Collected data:
________________

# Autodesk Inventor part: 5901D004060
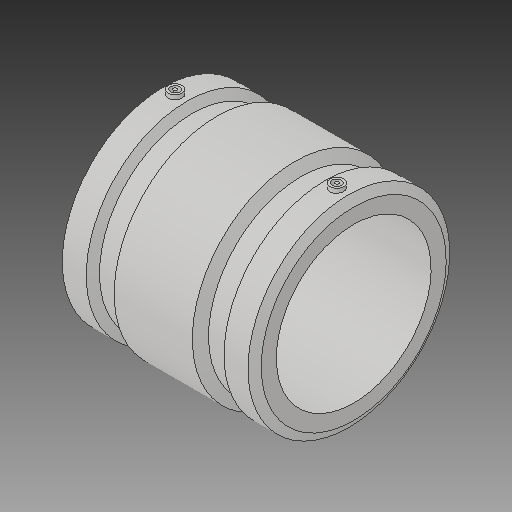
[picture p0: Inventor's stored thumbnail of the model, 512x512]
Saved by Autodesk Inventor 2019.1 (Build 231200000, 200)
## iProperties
Created: 2017-06
Part Number: 5901D004060
Material: Generic
Description: PLASSON COUPLER 6''DIPS
Document SubType Name: Modeling
Designer: KIM
Mass: 96874 g
Surface Area: 34549.7 cm^2
Volume: 96874 cm^3
Density: 1 g/cm^3
Appearance: Default
Author: KIM
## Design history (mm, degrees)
derived "5901D.ipt"
feature "Solid1::5901D.ipt"
tag "TaggingFeature1"
body "Solid1"
other parameters: "d13" = 212.09, "d15" = 104.394, "d16" = 104.394, "d17" = 168, "d22" = 228.092, "d23" = 223.012, "d24" = 200.72096, "d25" = 150 deg, "d26" = 84.836, "d27" = 120 deg, "d29" = 114.046, "d35" = 15, "d39" = 0, "d40" = 4, "d41" = 14, "d42" = 0, "d44" = 36.5379, "d45" = 168, "d47" = 0, "d48" = 109.48416, "d49" = 36.5379, "d50" = 60 deg, "d57" = 65.786, "d58" = 36.5379, "d62" = 168, "d65" = 282.448, "d67" = 5.27613, "d68" = 21.15863, "d69" = 21.80789, "d70" = 21.71015, "d71" = 20.5722, "d72" = 20.71531, "d73" = 561.2638, "d76" = 84.836, "d77" = 200.72096, "d_" = 168, "L_" = 212.09, "L_1" = 104.394, "D_" = 223.012, "A_" = 114.046, "A_1" = 25.4, "d60" = 187.96

________________

**What to do:**
Please return the lines above exactly, with the pictures omitted.

**Result:**
# Autodesk Inventor part: 5901D004060
[picture p0: Inventor's stored thumbnail of the model, 512x512]
Saved by Autodesk Inventor 2019.1 (Build 231200000, 200)
## iProperties
Created: 2017-06
Part Number: 5901D004060
Material: Generic
Description: PLASSON COUPLER 6''DIPS
Document SubType Name: Modeling
Designer: KIM
Mass: 96874 g
Surface Area: 34549.7 cm^2
Volume: 96874 cm^3
Density: 1 g/cm^3
Appearance: Default
Author: KIM
## Design history (mm, degrees)
derived "5901D.ipt"
feature "Solid1::5901D.ipt"
tag "TaggingFeature1"
body "Solid1"
other parameters: "d13" = 212.09, "d15" = 104.394, "d16" = 104.394, "d17" = 168, "d22" = 228.092, "d23" = 223.012, "d24" = 200.72096, "d25" = 150 deg, "d26" = 84.836, "d27" = 120 deg, "d29" = 114.046, "d35" = 15, "d39" = 0, "d40" = 4, "d41" = 14, "d42" = 0, "d44" = 36.5379, "d45" = 168, "d47" = 0, "d48" = 109.48416, "d49" = 36.5379, "d50" = 60 deg, "d57" = 65.786, "d58" = 36.5379, "d62" = 168, "d65" = 282.448, "d67" = 5.27613, "d68" = 21.15863, "d69" = 21.80789, "d70" = 21.71015, "d71" = 20.5722, "d72" = 20.71531, "d73" = 561.2638, "d76" = 84.836, "d77" = 200.72096, "d_" = 168, "L_" = 212.09, "L_1" = 104.394, "D_" = 223.012, "A_" = 114.046, "A_1" = 25.4, "d60" = 187.96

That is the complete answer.